En conséquence, le préjudice de jouissance résultant de l’occupation d’un bien dangereux ne peut donc, en l’espèce, être invoqué au-delà du 27 décembre 2022 et sera intégralement réparé par l’octroi d’une somme de 500 euros, paiement auquel sera condamnée la société Axa France Iard, subrogée dans les droits de M. [R]. De ce fait, M. [K] est débouté de sa demande envers ce dernier.
Il sera ordonné compensation avec les sommes dont M. [K] est redevable à l’égard de la société Axa France Iard.
Sur les dépens et l’article 700 du code de procédure civile
M. [K], qui succombe à titre principal devant la cour, est condamné aux dépens d’appel qui seront recouvrés conformément aux dispositions relatives à l’aide juridictionnelle, les dispositions du jugement déféré relatives aux dépens étant confirmées.
Compte tenu de l’équité et des situations respectives des parties, il n’y a pas lieu de faire application de l’article 700 du code de procédure civile et les parties seront déboutées de leur demande à ce titre.

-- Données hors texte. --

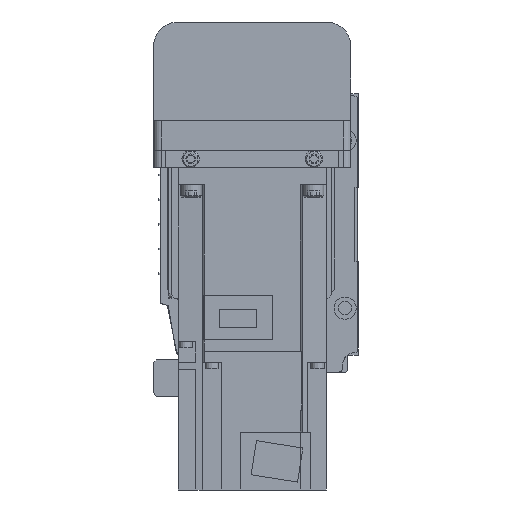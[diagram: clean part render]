
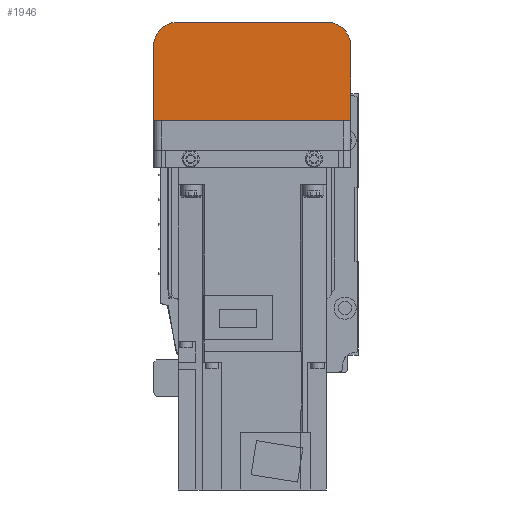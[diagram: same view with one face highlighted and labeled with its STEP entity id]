
A CAD part, left-side view. The second image highlights one B-rep face of the part: STEP entity #1946.
In plain terms, the highlighted planar face has unit normal (-1, 0, 0).
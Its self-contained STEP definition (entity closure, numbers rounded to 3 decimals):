
#1946 = ADVANCED_FACE( '', ( #4192 ), #4193, .F. );
#4192 = FACE_OUTER_BOUND( '', #6728, .T. );
#4193 = PLANE( '', #6729 );
#6728 = EDGE_LOOP( '', ( #12030, #12031, #12032, #12033, #12034, #12035 ) );
#6729 = AXIS2_PLACEMENT_3D( '', #12036, #12037, #12038 );
#12030 = ORIENTED_EDGE( '', *, *, #14512, .F. );
#12031 = ORIENTED_EDGE( '', *, *, #14495, .F. );
#12032 = ORIENTED_EDGE( '', *, *, #16302, .F. );
#12033 = ORIENTED_EDGE( '', *, *, #15856, .F. );
#12034 = ORIENTED_EDGE( '', *, *, #14692, .F. );
#12035 = ORIENTED_EDGE( '', *, *, #16303, .F. );
#12036 = CARTESIAN_POINT( '', ( -192., 37., 7. ) );
#12037 = DIRECTION( '', ( 1., 0., 0. ) );
#12038 = DIRECTION( '', ( 0., 0., -1. ) );
#14495 = EDGE_CURVE( '', #17283, #17285, #17286, .T. );
#14512 = EDGE_CURVE( '', #17285, #17313, #17314, .T. );
#14692 = EDGE_CURVE( '', #17622, #17624, #17625, .T. );
#15856 = EDGE_CURVE( '', #17624, #19437, #19438, .T. );
#16302 = EDGE_CURVE( '', #19437, #17283, #20026, .T. );
#16303 = EDGE_CURVE( '', #17313, #17622, #20027, .T. );
#17283 = VERTEX_POINT( '', #21220 );
#17285 = VERTEX_POINT( '', #21223 );
#17286 = LINE( '', #21224, #21225 );
#17313 = VERTEX_POINT( '', #21262 );
#17314 = LINE( '', #21263, #21264 );
#17622 = VERTEX_POINT( '', #21671 );
#17624 = VERTEX_POINT( '', #21674 );
#17625 = CIRCLE( '', #21675, 10. );
#19437 = VERTEX_POINT( '', #24106 );
#19438 = LINE( '', #24107, #24108 );
#20026 = CIRCLE( '', #24900, 10. );
#20027 = LINE( '', #24901, #24902 );
#21220 = CARTESIAN_POINT( '', ( -192., 40., -42. ) );
#21223 = CARTESIAN_POINT( '', ( -192., 40., -12.1 ) );
#21224 = CARTESIAN_POINT( '', ( -192., 40., -42. ) );
#21225 = VECTOR( '', #25929, 1000. );
#21262 = CARTESIAN_POINT( '', ( -192., -40., -12.1 ) );
#21263 = CARTESIAN_POINT( '', ( -192., 50., -12.1 ) );
#21264 = VECTOR( '', #25946, 1000. );
#21671 = CARTESIAN_POINT( '', ( -192., -40., -42. ) );
#21674 = CARTESIAN_POINT( '', ( -192., -30., -52. ) );
#21675 = AXIS2_PLACEMENT_3D( '', #26185, #26186, #26187 );
#24106 = CARTESIAN_POINT( '', ( -192., 30., -52. ) );
#24107 = CARTESIAN_POINT( '', ( -192., -30., -52. ) );
#24108 = VECTOR( '', #27626, 1000. );
#24900 = AXIS2_PLACEMENT_3D( '', #28143, #28144, #28145 );
#24901 = CARTESIAN_POINT( '', ( -192., -40., -12.1 ) );
#24902 = VECTOR( '', #28146, 1000. );
#25929 = DIRECTION( '', ( 0., 0., 1. ) );
#25946 = DIRECTION( '', ( 0., -1., 0. ) );
#26185 = CARTESIAN_POINT( '', ( -192., -30., -42. ) );
#26186 = DIRECTION( '', ( 1., 0., 0. ) );
#26187 = DIRECTION( '', ( 0., 0., -1. ) );
#27626 = DIRECTION( '', ( 0., 1., 0. ) );
#28143 = CARTESIAN_POINT( '', ( -192., 30., -42. ) );
#28144 = DIRECTION( '', ( 1., 0., 0. ) );
#28145 = DIRECTION( '', ( 0., 0., -1. ) );
#28146 = DIRECTION( '', ( 0., 0., -1. ) );

Sur l’exécution provisoire
Le présent arrêt n’étant susceptible que d’un pourvoi non suspensif, il n’y a pas lieu d’ordonner l’exécution provisoire, comme le sollicitent les parties.
PAR CES MOTIFS
La cour,
Statuant par arrêt contradictoire rendu par mise à disposition au greffe,
Confirme le jugement déféré en toutes ses dispositions dévolues à la cour sauf à émender le montant des sommes dues par M. [K] au titre du solde locatif par actualisation de la créance;
Y ajoutant,
Constate que M. [U] [R] a récupéré le bien objet du bail et que la demande d’expulsion de M. [H] [K] est devenue sans objet ;
Condamne M. [H] [K] à payer à la société Axa France Iard, subrogée dans les droits de M. [U] [R], la somme de 22 221,27 euros au titre du solde locatif restant dû au 3 mai 2024 avec intérêts au taux légal à compter du 26 février 2025 ;
Condamne la société Axa France Iard à payer à M. [H] [K] la somme de 500 euros à titre des dommages et intérêts ;
Ordonne la compensation entre les créances respectives des parties ;
Déboute les parties du surplus de leurs demandes ;
Condamne M. [H] [K] aux dépens d’appel qui seront recouvrés conformément aux dispositions relatives à l’aide juridictionnelle.
— prononcé publiquement par mise à disposition de l’arrêt au greffe de la cour, les parties en ayant été préalablement avisées dans les conditions prévues au deuxième alinéa de l’article 450 du code de procédure civile.
— signé par Monsieur Philippe JAVELAS, Président et par Madame Bénédicte NISI, Greffière en pré-affectation, auquel la minute de la décision a été remise par le magistrat signataire.